Okay. Carlos, thank you. Thank you for the hard work for all the team and thank you for your answer.

speaker
Hernan Van Waveren
Investor Relations Director

Thank you. We have a question from our webcast. Carlos, what is the reasonable expectation for the percentage of hard currency EBITDA going forward? Your increase in hard currency EBITDA in 2021 was 26%, which might have been helped by the decline in Brazil EBITDA owning to the cyber attack. Could you expand there, please?

speaker
Carlos Lopez Abadía
Chief Executive Officer

Sure. We continue to grow the percentage of our hard currency. It's part of our strategy and policy. We, as I mentioned a number of times to you guys, the i find that that the us market european markets not only they're very attractive per se and inherently but but also it uh one of it helped it helps this company one of the challenges that we have which is the the fx exposure and and fluctuations so we continue to we will continue as a target to increase our um our um hard currency uh percentage um What do we expect for 2022? I expect something in the order of 30%. So we expect to continue growing the percentage, the fraction of hard currency in our cash and maybe the

speaker
Hernan Van Waveren
Investor Relations Director

Thank you, Carlos. So we have one more question from our webcast. How are the results of ongoing negotiation with clients to adjust contracts prices to inflation? Are they mostly completed? Could there still be pressure on guided margins for 2022 coming from this front?

speaker
Carlos Lopez Abadía
Chief Executive Officer

That front is fairly tractable. So all the things, unfortunately, in the environment that we work, that's part of what we do.
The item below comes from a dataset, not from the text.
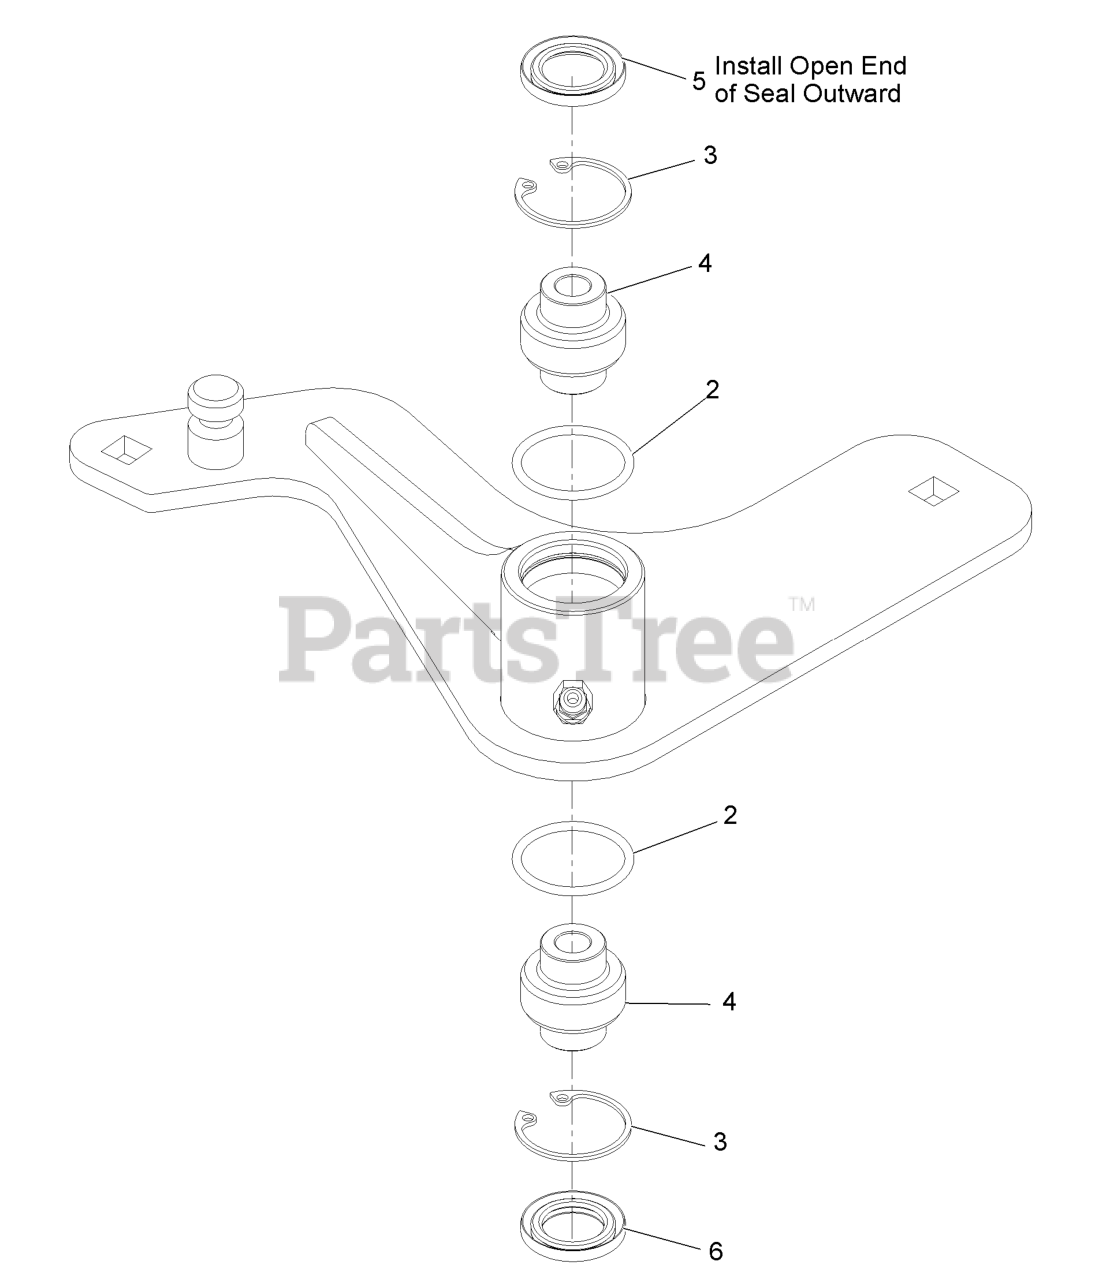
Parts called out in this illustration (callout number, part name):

So it's our cost from that perspective is going to be higher this year because the inflation is higher. But the impact is fundamentally the first half. The way it works is every contract that we have signed in the last, few years, and I think by now the majority, if not the totality of our contracts, have the inflation adjustment process. What tends to happen is that the wage inflation happens in the beginning of the year. In many countries, this is driven by government and or unions, and it happens immediately. And then the adjustment on the prices of the existing contracts. It happens through the year, you know. We achieve very high rates of pass-through. I think we expect to continue to be at the high end, 80% plus, for example, in Brazil. So it's something we do every year, and it's factored in the higher inflation of this year is factored in the guidance that we've given you.

speaker
Hernan Van Waveren
Investor Relations Director

Thank you, Carlos. Thank you, Jose, for your time. This concludes our call. Operator, please, you can finalize the call.

speaker
Operator
Conference Call Operator

Thank you, sir. The conference has now concluded. We thank you all for attending today's presentation. You may now disconnect your phones at this time. Take care.